What the task asks
Report the lines of the material that carry the string "layer".

++++ Data supplied ++++

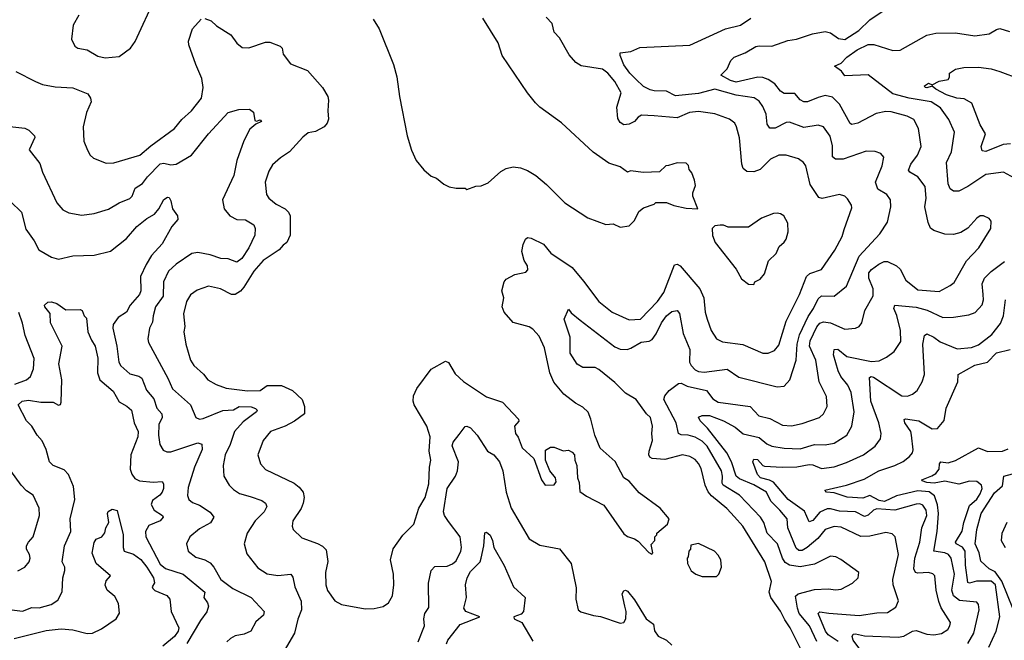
# Model space of a CAD drawing. Extents: x 1933546 to 2138868, y 524910 to 667279.
# Tile 344 of 466: x 2039426 to 2044950, y 633314 to 636796. Entities that reach past the tile are written whole.
import ezdxf

# ---------------------------------------------------------------- set-up
doc = ezdxf.new("R2010")
doc.units = 0

msp = doc.modelspace()

# ---------------------------------------------------------------- linework, layer by layer
at = {"layer": '0CON10XD'}
for points in [[(2039758.3, 636821.7), (2039726, 636765), (2039716.4, 636686.4), (2039735, 636647.5), (2039752.5, 636635), (2039805, 636626.2), (2039865, 636590.8), (2039905, 636582), (2039985, 636590), (2040047.5, 636635), (2040075, 636672.5), (2040188.8, 636921.2)], [(2043898.2, 633308.2), (2043856.7, 633395), (2043799.5, 633465), (2043788.9, 633495), (2043778.8, 633561.2), (2043794, 633575), (2043885, 633599.8), (2043962.4, 633602.4), (2044005, 633596.5), (2044035, 633601.1), (2044098, 633635), (2044129.2, 633665), (2044133.8, 633695), (2044032.5, 633767.5), (2044005, 633782.9), (2043975, 633785.6), (2043885, 633740.8), (2043805, 633725.9), (2043745, 633735.6), (2043720.4, 633750.4), (2043706, 633775), (2043677.8, 633855), (2043618.4, 633915), (2043601.4, 633975), (2043582.8, 634005), (2043465, 634128), (2043373.2, 634185), (2043367.1, 634195), (2043369.4, 634235), (2043363.3, 634265), (2043283.1, 634403.1), (2043255, 634430.7), (2043215, 634453.1), (2043176.2, 634465), (2043136.3, 634466.4), (2043121.8, 634475), (2043109.7, 634535), (2043040.4, 634665), (2043045.9, 634685), (2043069.2, 634715), (2043122.5, 634755), (2043136.6, 634756.6), (2043170.2, 634740.2), (2043278.6, 634715), (2043315, 634668.2), (2043345, 634650), (2043524, 634625), (2043573.4, 634573.4), (2043635, 634558.5), (2043705, 634520.9), (2043755, 634516.9), (2043815, 634530.4), (2043912.5, 634565), (2043935.7, 634585), (2043956.5, 634625), (2043952.4, 634682.4), (2043910.9, 634765), (2043892.1, 634885), (2043856.9, 634965), (2043860.2, 634995), (2043897.2, 635072.8), (2043915, 635094), (2043935, 635101.5), (2043975, 635094.7), (2044055, 635060), (2044115, 635064.5), (2044135, 635074.3), (2044150, 635095), (2044167.8, 635165), (2044213.2, 635246.8), (2044213.5, 635285), (2044189, 635345), (2044189.2, 635375), (2044204.6, 635395), (2044245, 635424.7), (2044275, 635439.1), (2044295, 635440), (2044344.2, 635415), (2044365.3, 635395.3), (2044397.8, 635335), (2044465, 635280.4), (2044585, 635271.8), (2044646, 635304), (2044667.7, 635322.3), (2044736.8, 635443.2), (2044807.1, 635515), (2044874.2, 635625), (2044875.7, 635665.7), (2044865, 635680), (2044832.5, 635695), (2044815, 635695.6), (2044795, 635683.1), (2044744.6, 635625.4), (2044705, 635601.4), (2044665, 635590.6), (2044615, 635593.1), (2044555, 635612.2), (2044536.2, 635626.2), (2044522, 635658), (2044503.6, 635745), (2044511.5, 635795), (2044505, 635860), (2044465, 635914.3), (2044419.5, 635939.5), (2044412.1, 635952.1), (2044426.1, 635985), (2044463.2, 636035), (2044483.5, 636085), (2044469.1, 636185), (2044441.9, 636235), (2044403.8, 636255), (2044315, 636278.8), (2044285, 636281.2), (2044230.9, 636269.1), (2044128, 636215), (2044095, 636207.1), (2044085, 636213.8), (2044025, 636321.2), (2043985, 636361.8), (2043945, 636369.7), (2043905, 636360), (2043845, 636334.6), (2043825, 636334), (2043805, 636345.3), (2043775, 636381.2), (2043715, 636382.2), (2043695, 636394.4), (2043661.5, 636435), (2043625, 636460.9), (2043595, 636471.9), (2043566.8, 636473.2), (2043445, 636445.3), (2043412.9, 636455), (2043358.8, 636485), (2043395, 636520), (2043415, 636566.7), (2043433.8, 636585), (2043495, 636610), (2043555, 636644.5), (2043575, 636649.5), (2043645, 636647.3), (2043735, 636679.2), (2043783.8, 636686.2), (2043872.9, 636717.1), (2043945, 636730), (2043975, 636721.1), (2044019.6, 636689.6), (2044055, 636685.3), (2044132.9, 636735), (2044195.8, 636795), (2044275, 636848.2)], [(2039405.5, 636505.5), (2039515, 636448.6), (2039555, 636432.5), (2039625, 636418.6), (2039723.6, 636413.6), (2039809.1, 636379.1), (2039824.4, 636355), (2039827.5, 636335), (2039800.8, 636275), (2039783.1, 636195), (2039785.7, 636115), (2039806.7, 636063.3), (2039821.2, 636035), (2039839.5, 636019.5), (2039911.2, 635991.2), (2039955, 635992.5), (2040100, 636035), (2040161.7, 636088.3), (2040294.3, 636185.7), (2040335.6, 636235), (2040390, 636285), (2040445.6, 636355), (2040455.5, 636415), (2040447.5, 636465), (2040413.6, 636543.6), (2040374.7, 636654.7), (2040373.8, 636675), (2040395.6, 636744.4), (2040445, 636798.6)], [(2040465, 636801.9), (2040499.8, 636789.8), (2040530.4, 636760.4), (2040610.8, 636710.8), (2040645, 636664.5), (2040675, 636640), (2040712.1, 636637.9), (2040805, 636670), (2040829.2, 636669.2), (2040887.9, 636647.9), (2040898, 636635), (2040905, 636602.5), (2040945, 636547.5), (2041040.3, 636510.3), (2041125, 636416), (2041154.3, 636365), (2041159.2, 636345), (2041154.2, 636285), (2041157.7, 636237.7), (2041152, 636215), (2041134, 636195), (2041085, 636169.1), (2041045, 636160.4), (2041015, 636137.5), (2040939.2, 636055), (2040889.2, 636020.8), (2040845, 635980.8), (2040823.3, 635945), (2040804.3, 635885), (2040810.8, 635815), (2040823.8, 635795), (2040865, 635760.6), (2040915, 635735.5), (2040934.4, 635715), (2040942.7, 635695), (2040943.6, 635586.4), (2040925.7, 635545), (2040905, 635531.5), (2040882.3, 635505), (2040792.5, 635445), (2040739.4, 635385), (2040684.5, 635295), (2040665, 635273.1), (2040635, 635254.2), (2040615, 635254.4), (2040553.3, 635285), (2040485, 635300), (2040421.1, 635278.9), (2040385, 635252.9), (2040362.5, 635215), (2040345.7, 635145.7), (2040352.5, 635075), (2040347.8, 635045), (2040358.1, 634975), (2040383.6, 634885), (2040403.6, 634855), (2040457.2, 634807.2), (2040482, 634775), (2040529.3, 634749.3), (2040585, 634728.5), (2040705, 634713.2), (2040775, 634715.9), (2040815, 634742.9), (2040895, 634743.2), (2040957.5, 634715), (2041010, 634665), (2041023.4, 634625), (2041023.1, 634585), (2040967.1, 634542.9), (2040915, 634515.4), (2040832.5, 634485), (2040792.9, 634435), (2040763.1, 634355), (2040778.1, 634305), (2040805, 634271.9), (2040965.8, 634195.8), (2040995, 634173.1), (2041015.6, 634145), (2041021.5, 634115), (2041016.1, 634083.9), (2041005, 634054), (2040959.2, 633985), (2040954.2, 633955), (2040960, 633935), (2041009.5, 633889.5), (2041096.7, 633856.7), (2041125, 633842.2), (2041145, 633822), (2041154.5, 633755.5), (2041141.1, 633695), (2041144.5, 633625), (2041153.9, 633593.9), (2041194.4, 633535), (2041231.4, 633515), (2041365, 633490.3), (2041415, 633493), (2041465.6, 633504.4), (2041495.7, 633525), (2041516.8, 633563.2), (2041525.6, 633625), (2041522.9, 633685), (2041505.6, 633765), (2041521.7, 633828.3), (2041576.3, 633903.7), (2041637.5, 633965), (2041664.7, 634055.3), (2041700.9, 634115), (2041722.2, 634192.2), (2041724.4, 634285), (2041732.9, 634325), (2041723.5, 634375), (2041728.5, 634455), (2041709.6, 634515), (2041639.1, 634635), (2041633.4, 634655), (2041636.2, 634685), (2041653.4, 634726.6), (2041734.7, 634835.3), (2041815, 634880), (2041831.7, 634871.7), (2041868.8, 634808.8), (2041915.2, 634765.2), (2042045, 634680), (2042135, 634649.4), (2042223.8, 634555), (2042226.1, 634543.9), (2042202.9, 634515), (2042206.7, 634475), (2042223.3, 634453.3), (2042245, 634393.8), (2042311.2, 634335), (2042354, 634215), (2042373.8, 634183.8), (2042423.9, 634186.1), (2042436.2, 634203.8), (2042432, 634225), (2042400.8, 634265), (2042376.2, 634325), (2042375, 634380), (2042403, 634397), (2042425, 634397.5), (2042475, 634377.5), (2042505, 634380), (2042525, 634370), (2042538.8, 634355), (2042540.8, 634325), (2042552, 634295), (2042555.8, 634225), (2042565, 634200), (2042569.3, 634149.3), (2042605, 634123.3), (2042702.6, 634072.6), (2042815, 633912), (2042835, 633896.2), (2042875, 633883.3), (2042895, 633870), (2042955, 633806.7), (2042971.7, 633798.3), (2042977.5, 633805), (2042968.3, 633851.7), (2042990, 633875), (2042990, 633895), (2043000, 633905), (2043000, 633915), (2043060, 633965), (2043070, 633995), (2043020, 634055), (2042902.1, 634142.1), (2042845, 634206.2), (2042815.7, 634225.7), (2042767.1, 634317.1), (2042682.4, 634392.4), (2042652.9, 634465), (2042630.8, 634555), (2042615, 634593.3), (2042585, 634621.2), (2042543.3, 634645), (2042478.8, 634695), (2042422.1, 634762.1), (2042400.6, 634815), (2042370, 634955), (2042340.3, 635020.3), (2042305, 635060), (2042285, 635073.3), (2042195, 635096.5), (2042144.1, 635154.1), (2042132, 635185), (2042142.2, 635235), (2042130, 635275), (2042144.1, 635325.9), (2042155, 635339.2), (2042204.6, 635365.4), (2042265, 635380), (2042277, 635393), (2042275.6, 635415), (2042255.3, 635445.3), (2042243.6, 635495), (2042250, 635535), (2042264.3, 635565), (2042275, 635572.9), (2042295, 635569.4), (2042365, 635536.9), (2042405, 635486.2), (2042525, 635404.6), (2042589.8, 635329.8), (2042674.7, 635214.7), (2042749.2, 635155), (2042845, 635112.2), (2042909.2, 635115), (2043004.6, 635215), (2043040, 635265), (2043100.3, 635419.7), (2043115, 635424.1), (2043131.8, 635415), (2043241.8, 635285), (2043263.8, 635235), (2043271.8, 635155), (2043282.1, 635115), (2043305, 635052), (2043334.6, 635004.6), (2043368.6, 634988.6), (2043482.9, 634972.9), (2043594.6, 634924.6), (2043625, 634925.5), (2043660.7, 634939.3), (2043685, 634970), (2043726.1, 635105), (2043801.3, 635255), (2043840, 635355), (2043858.8, 635371.2), (2043924.4, 635395), (2043998, 635502), (2044039.7, 635580.3), (2044051.1, 635618.9), (2044095, 635740), (2044092.9, 635755), (2044070.7, 635790.7), (2044055, 635805.8), (2044025, 635814.4), (2043927.8, 635792.2), (2043908.3, 635798.3), (2043860.5, 635870.5), (2043836.7, 635976.7), (2043822.9, 635995), (2043795, 636014.5), (2043725.5, 636035.5), (2043685, 636035.6), (2043637.6, 636012.4), (2043579.2, 635955), (2043545, 635941.8), (2043505, 635944.3), (2043485, 635961.2), (2043476.7, 635985), (2043463.7, 636133.7), (2043447.1, 636195), (2043437.1, 636215), (2043407.4, 636237.4), (2043325, 636266.9), (2043235, 636281.3), (2043183.3, 636275), (2043114.6, 636245.4), (2042985, 636255.8), (2042915, 636260), (2042895, 636248.1), (2042874.6, 636225.4), (2042845, 636209.2), (2042815, 636206.2), (2042795, 636218.8), (2042780.9, 636240.9), (2042776.2, 636305), (2042800.5, 636385), (2042765, 636449.1), (2042725, 636495.4), (2042695, 636518.5), (2042576.3, 636536.3), (2042546, 636556), (2042508.5, 636598.5), (2042455, 636694.2), (2042423.8, 636725), (2042412.5, 636775), (2042380, 636810)], [(2041408.3, 636798.3), (2041443.6, 636743.6), (2041524.1, 636544.1), (2041542, 636475), (2041556.2, 636365), (2041600, 636145), (2041624.2, 636064.2), (2041650, 636005), (2041693.6, 635953.6), (2041735, 635917.5), (2041765, 635907.5), (2041805, 635872.5), (2041835, 635857.5), (2041875, 635850), (2041925, 635850), (2041935, 635842.5), (2041985, 635862.5), (2042015, 635863.3), (2042055, 635880), (2042125.9, 635944.1), (2042155, 635960), (2042195, 635970), (2042235, 635964), (2042275, 635950), (2042321.7, 635921.7), (2042381.7, 635871.7), (2042485, 635767.5), (2042613.9, 635683.9), (2042715, 635647.5), (2042755, 635650), (2042795, 635632.5), (2042845, 635640), (2042875, 635670), (2042900, 635720), (2042925, 635740), (2042985, 635760), (2042995, 635770), (2043055, 635770), (2043095, 635753.3), (2043165, 635737.5), (2043230, 635735), (2043202.5, 635805), (2043202.5, 635825), (2043216.7, 635865), (2043212.5, 635895), (2043197, 635937), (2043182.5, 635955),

++++

Written response
# ---------------------------------------------------------------- linework, layer by layer
at = {"layer": '0CON10XD'}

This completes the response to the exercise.